Ma, insieme alla nuova squadra, serve anche che venga finalmente presentato al mercato un contropiano che non si limiti a promettere più dividendi ma che faccia capire se la voglia di grandezza di Del Vecchio e Caltagirone in Generali è solo un bluff per scalzare Donnet o ha basi solide. E qui non servono a nulla le parole e le promesse ma servono i quattrini.

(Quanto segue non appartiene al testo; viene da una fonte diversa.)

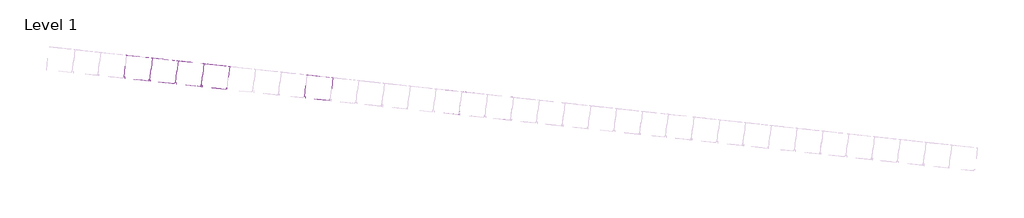
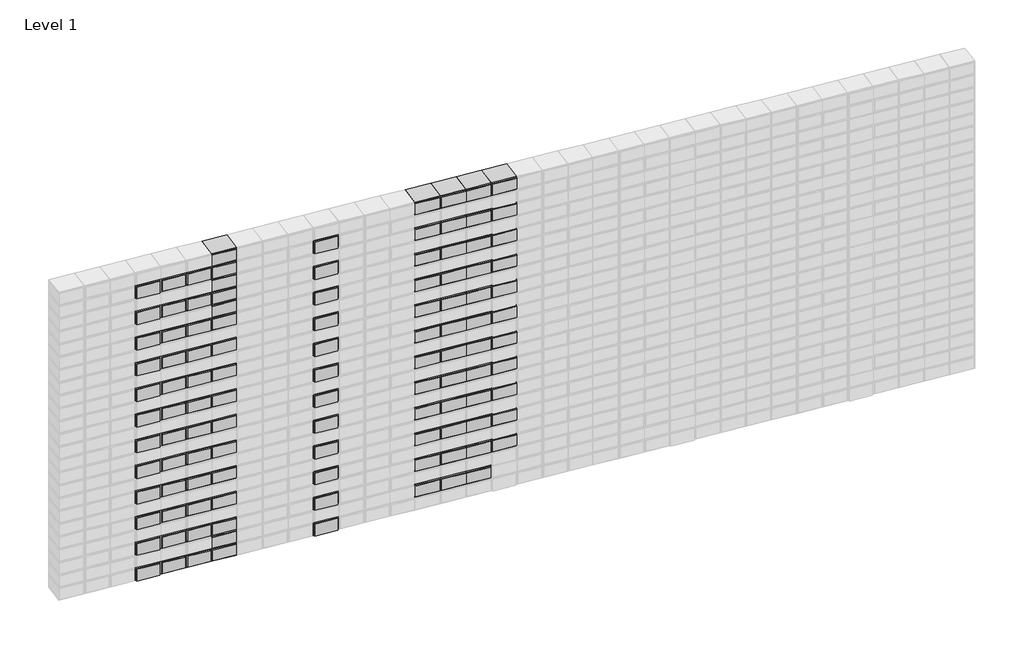
# One storey, part 13 of 18: 111 proxies.
"""IFC4 building model written with IfcOpenShell, lengths in millimetres."""

import ifcopenshell
import ifcopenshell.guid

model = None  # the IFC model being written
_history = None  # IfcOwnerHistory: only IFC2X3 demands one
_inside = {}  # id of a spatial element -> (the spatial element, [elements in it])
_under = {}  # id of a project, library or spatial element -> (it, [spatial elements below it])
_declared = {}  # id of a project -> (the project, [libraries it declares])
_typed = {}  # id of a type object -> (the type object, [elements of that type])
_made_of = {}  # id of a material, layer set ... -> (it, [elements and type objects made of it])


def new_model(schema):
    """Start an empty IFC model of exactly this schema.

    Asked for "IFC4X3", IfcOpenShell would pick the latest addendum, in which some entities
    have other attributes; the version numbers below select the first issue.
    IFC2X3 requires an IfcOwnerHistory on every rooted entity: one is made here for all.
    """
    global model, _history
    if schema == "IFC4X3":
        model = ifcopenshell.file(schema_version=(4, 3, 0, 0))
    else:
        model = ifcopenshell.file(schema=schema)
    _inside.clear()
    _under.clear()
    _declared.clear()
    _typed.clear()
    _made_of.clear()
    _history = None
    if model.schema == "IFC2X3":
        org = make("IfcOrganization", Name="unknown")
        user = make(
            "IfcPersonAndOrganization",
            ThePerson=make("IfcPerson", FamilyName="unknown"),
            TheOrganization=org,
        )
        app = make(
            "IfcApplication",
            ApplicationDeveloper=org,
            Version="unknown",
            ApplicationFullName="unknown",
            ApplicationIdentifier="unknown",
        )
        _history = make(
            "IfcOwnerHistory",
            OwningUser=user,
            OwningApplication=app,
            ChangeAction="ADDED",
            CreationDate=0,
        )
    return model


def make(cls, **values):
    """One entity of the class cls with the attributes given. An attribute that is None is left unset."""
    return model.create_entity(
        cls, **{name: value for name, value in values.items() if value is not None}
    )


def rooted(cls, **values):
    """An entity with a GlobalId (a new one), such as an element, a storey or a relation."""
    return make(cls, GlobalId=ifcopenshell.guid.new(), OwnerHistory=_history, **values)


def si_unit(unit_type, name, prefix=None):
    """IfcSIUnit, for example si_unit("LENGTHUNIT", "METRE", prefix="MILLI")."""
    return make("IfcSIUnit", UnitType=unit_type, Prefix=prefix, Name=name)


def assignment(units):
    """IfcUnitAssignment: the units of a project."""
    return None if units is None else make("IfcUnitAssignment", Units=units)


def point(xyz):
    """IfcCartesianPoint."""
    return None if xyz is None else make("IfcCartesianPoint", Coordinates=xyz)


def direction(xyz):
    """IfcDirection."""
    return None if xyz is None else make("IfcDirection", DirectionRatios=xyz)


def frame(location, z_axis=None, x_axis=None):
    """IfcAxis2Placement3D, a coordinate frame: its origin and axes. An axis left out is left unset."""
    return make(
        "IfcAxis2Placement3D",
        Location=point(location),
        Axis=direction(z_axis),
        RefDirection=direction(x_axis),
    )


def origin():
    """The frame at (0, 0, 0) with its axes left unset."""
    return frame((0.0, 0.0, 0.0))


def origin_with_axes():
    """The frame at (0, 0, 0) with the z axis (0, 0, 1) and the x axis (1, 0, 0) written out."""
    return frame((0.0, 0.0, 0.0), z_axis=(0.0, 0.0, 1.0), x_axis=(1.0, 0.0, 0.0))


def place(relative_to, where):
    """IfcLocalPlacement: puts the frame where relative to a parent placement (None: the world)."""
    return make(
        "IfcLocalPlacement", PlacementRelTo=relative_to, RelativePlacement=where
    )


def context(
    kind, dimensions, precision=None, world=None, true_north=None, identifier=None
):
    """IfcGeometricRepresentationContext, for example the 3D "Model" context."""
    return make(
        "IfcGeometricRepresentationContext",
        ContextIdentifier=identifier,
        ContextType=kind,
        CoordinateSpaceDimension=dimensions,
        Precision=precision,
        WorldCoordinateSystem=world,
        TrueNorth=true_north,
    )


def project(units=None, contexts=None):
    """IfcProject with its units and contexts."""
    return rooted(
        "IfcProject",
        Name="project",
        RepresentationContexts=contexts,
        UnitsInContext=assignment(units),
    )


def spatial(cls, under=None, at=None, **own):
    """A site, building, storey or space (cls), placed at a placement, below another one or the project."""
    s = rooted(cls, ObjectPlacement=at, **own)
    if under is not None:
        _under.setdefault(under.id(), (under, []))[1].append(s)
    return s


def polyline(points):
    """IfcPolyline through the points."""
    return make("IfcPolyline", Points=[point(p) for p in points])


def outline(outer, holes=None, kind="AREA"):
    """IfcArbitraryClosedProfileDef: a profile drawn as a closed curve; with holes, ...WithVoids."""
    if holes is None:
        return make("IfcArbitraryClosedProfileDef", ProfileType=kind, OuterCurve=outer)
    return make(
        "IfcArbitraryProfileDefWithVoids",
        ProfileType=kind,
        OuterCurve=outer,
        InnerCurves=holes,
    )


def extrude(swept, where, along, depth):
    """IfcExtrudedAreaSolid: the profile swept, set in the frame where, extruded along a direction by depth."""
    return make(
        "IfcExtrudedAreaSolid",
        SweptArea=swept,
        Position=where,
        ExtrudedDirection=direction(along),
        Depth=depth,
    )


def shape(context_of_items, identifier, shape_type, items):
    """IfcShapeRepresentation: the items that make up one representation, for example the "Body"."""
    return make(
        "IfcShapeRepresentation",
        ContextOfItems=context_of_items,
        RepresentationIdentifier=identifier,
        RepresentationType=shape_type,
        Items=items,
    )


def source(mapping_origin, context_of_items, identifier, shape_type, items):
    """IfcRepresentationMap: a shape defined once, which mapped items show again and again."""
    return make(
        "IfcRepresentationMap",
        MappingOrigin=mapping_origin,
        MappedRepresentation=shape(context_of_items, identifier, shape_type, items),
    )


def transform(
    local_origin,
    x_axis=None,
    y_axis=None,
    z_axis=None,
    scale=None,
    scale2=None,
    scale3=None,
    uniform=True,
):
    """IfcCartesianTransformationOperator3D, or its non-uniform kind. x_axis, y_axis, z_axis: its Axis1, 2, 3."""
    if uniform:
        return make(
            "IfcCartesianTransformationOperator3D",
            Axis1=direction(x_axis),
            Axis2=direction(y_axis),
            LocalOrigin=point(local_origin),
            Scale=scale,
            Axis3=direction(z_axis),
        )
    return make(
        "IfcCartesianTransformationOperator3DnonUniform",
        Axis1=direction(x_axis),
        Axis2=direction(y_axis),
        LocalOrigin=point(local_origin),
        Scale=scale,
        Axis3=direction(z_axis),
        Scale2=scale2,
        Scale3=scale3,
    )


def mapped(mapping_source, mapping_target):
    """IfcMappedItem: shows the shape of a source again, moved by a transform."""
    return make(
        "IfcMappedItem", MappingSource=mapping_source, MappingTarget=mapping_target
    )


def made_of(thing, what):
    """Note that an element or type object is made of a material, layer set ...; save() writes the relation."""
    if what is not None:
        _made_of.setdefault(what.id(), (what, []))[1].append(thing)
    return thing


def element(
    cls,
    number,
    at=None,
    inside=None,
    cuts=None,
    type_object=None,
    material=None,
    context=None,
    identifier="Body",
    shape_type=None,
    held_by="IfcProductDefinitionShape",
    body=None,
    shapes=None,
    **own,
):
    """One element of the class cls, such as IfcWall. Its Tag is "e" and its number.

    at: its placement. inside: the storey or other place that contains it. cuts: it is an
    opening in that element (IfcRelVoidsElement). A single representation is given by context,
    identifier, shape_type and body (its items); several are given by shapes. held_by: the class
    of the entity that holds the representations. save() writes the other relations.
    """
    e = rooted(cls, Tag="e%d" % number, ObjectPlacement=at, **own)
    if body is not None:
        shapes = [shape(context, identifier, shape_type, body)]
    if shapes is not None:
        e.Representation = make(held_by, Representations=shapes)
    if inside is not None:
        _inside.setdefault(inside.id(), (inside, []))[1].append(e)
    if cuts is not None:
        rooted(
            "IfcRelVoidsElement", RelatingBuildingElement=cuts, RelatedOpeningElement=e
        )
    if type_object is not None:
        _typed.setdefault(type_object.id(), (type_object, []))[1].append(e)
    return made_of(e, material)


def aggregate(whole, parts):
    """IfcRelAggregates: a whole, such as a stair, and the parts it consists of."""
    return rooted("IfcRelAggregates", RelatingObject=whole, RelatedObjects=parts)


def save(model, path):
    """Write the relations noted so far, then the file.

    IfcRelAggregates (storeys below a building ...), IfcRelContainedInSpatialStructure (elements
    in a storey), IfcRelDefinesByType, IfcRelAssociatesMaterial and IfcRelDeclares: one each for
    every whole, place, type object, material and project.
    """
    for whole, parts in _under.values():
        aggregate(whole, parts)
    for where, things in _inside.values():
        rooted(
            "IfcRelContainedInSpatialStructure",
            RelatedElements=things,
            RelatingStructure=where,
        )
    for kind, things in _typed.values():
        rooted("IfcRelDefinesByType", RelatedObjects=things, RelatingType=kind)
    for what, things in _made_of.values():
        rooted("IfcRelAssociatesMaterial", RelatedObjects=things, RelatingMaterial=what)
    for by, libraries in _declared.values():
        rooted("IfcRelDeclares", RelatingContext=by, RelatedDefinitions=libraries)
    model.write(path)


def geel_a5fc7152(model_context):
    return source(origin(), model_context, "Body", "SweptSolid", [
        extrude(outline(polyline([(131.1871262, 51.8695461), (24.8461542, 24.0369432), (23.5801491, 28.8740117), (125.0840527, 55.4406095), (111.9430518, 105.6488784), (10.4391482, 79.0822806), (9.1731432, 83.919349), (115.5141152, 111.7519519), (131.1871262, 51.8695461)])), origin_with_axes(), (0.0, 0.0, 1.0), 95.0),
        extrude(outline(polyline([(111.9430518, 105.6488784), (125.0840527, 55.4406095), (23.5801491, 28.8740117), (10.4391482, 79.0822806), (111.9430518, 105.6488784)])), origin_with_axes(), (0.0, 0.0, 1.0), 100.0),
    ])


def geel_ff5a4212(model_context):
    return source(origin(), model_context, "Body", "SweptSolid", [
        extrude(outline(polyline([(24.8461542, 24.0369432), (9.1731432, 83.919349), (115.5141152, 111.7519519), (116.7801202, 106.9148835), (15.2762167, 80.3482856), (28.4172176, 30.1400167), (129.9211211, 56.7066146), (131.1871262, 51.8695461), (24.8461542, 24.0369432)])), origin_with_axes(), (0.0, 0.0, 1.0), 95.0),
        extrude(outline(polyline([(116.7801202, 106.9148835), (129.9211211, 56.7066146), (28.4172176, 30.1400167), (15.2762167, 80.3482856), (116.7801202, 106.9148835)])), origin_with_axes(), (0.0, 0.0, 1.0), 100.0),
    ])


def rood_14a66368(model_context):
    return source(origin(), model_context, "Body", "SweptSolid", [
        extrude(outline(polyline([(24.8461542, 24.0369432), (9.1731432, 83.919349), (115.5141152, 111.7519519), (131.1871262, 51.8695461), (24.8461542, 24.0369432)]), holes=[polyline([(125.0840527, 55.4406095), (111.9430518, 105.6488784), (15.2762167, 80.3482856), (28.4172176, 30.1400167), (125.0840527, 55.4406095)])]), origin_with_axes(), (0.0, 0.0, 1.0), 95.0),
        extrude(outline(polyline([(111.9430518, 105.6488784), (125.0840527, 55.4406095), (28.4172176, 30.1400167), (15.2762167, 80.3482856), (111.9430518, 105.6488784)])), origin_with_axes(), (0.0, 0.0, 1.0), 100.0),
    ])


def rood_2ddd8018(model_context):
    return source(origin(), model_context, "Body", "SweptSolid", [
        extrude(outline(polyline([(24.8461542, 24.0369432), (9.1731432, 83.919349), (115.5141152, 111.7519519), (131.1871262, 51.8695461), (126.3500577, 50.6035411), (111.9430518, 105.6488784), (15.2762167, 80.3482856), (29.6832226, 25.3029482), (24.8461542, 24.0369432)])), origin_with_axes(), (0.0, 0.0, 1.0), 95.0),
        extrude(outline(polyline([(111.9430518, 105.6488784), (126.3500577, 50.6035411), (29.6832226, 25.3029482), (15.2762167, 80.3482856), (111.9430518, 105.6488784)])), origin_with_axes(), (0.0, 0.0, 1.0), 100.0),
    ])


model = new_model("IFC4")

# Units and contexts
model_context = context("Model", 3, world=origin())
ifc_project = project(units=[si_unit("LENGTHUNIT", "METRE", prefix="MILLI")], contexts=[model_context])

Per far crescere il Leone e accorciare le distanze da Axa e Allianz, ammesso e non concesso che sia ancora possibile, servono fior di investimenti e di acquisizioni che solo forti aumenti di capitale – che le Generali non conoscono da vent’anni – possono garantire. Caltagirone e Del Vecchio sono pronti a mettere a disposizione della loro squadra tutte le risorse necessarie a promuovere gli aumenti di capitale che stanno alla base dell’agognato salto di qualità? Insomma, uomini e soldi. Salvo imprevedibili accordi in extremis tra i due fronti, la battaglia di fine aprile si giocherà su questo terreno e, comunque andrà a finire, avrà sicuramente una coda: in Mediobanca.

Se Caltagirone e Del Vecchio vincono in Generali, è verosimile che pretendano la resa dei conti anche a Piazzetta Cuccia il cui management ha avversato la loro scalata nella compagnia triestina. A maggior ragione se dovessero perdere. L’assemblea delle Generali di fine aprile sarà perciò una tappa decisiva della battaglia per la conquista dell’ala nobile della finanza italiana, ma i fuochi d’artificio non finiranno quel giorno. Il 2022 promette di essere un anno da non dimenticare.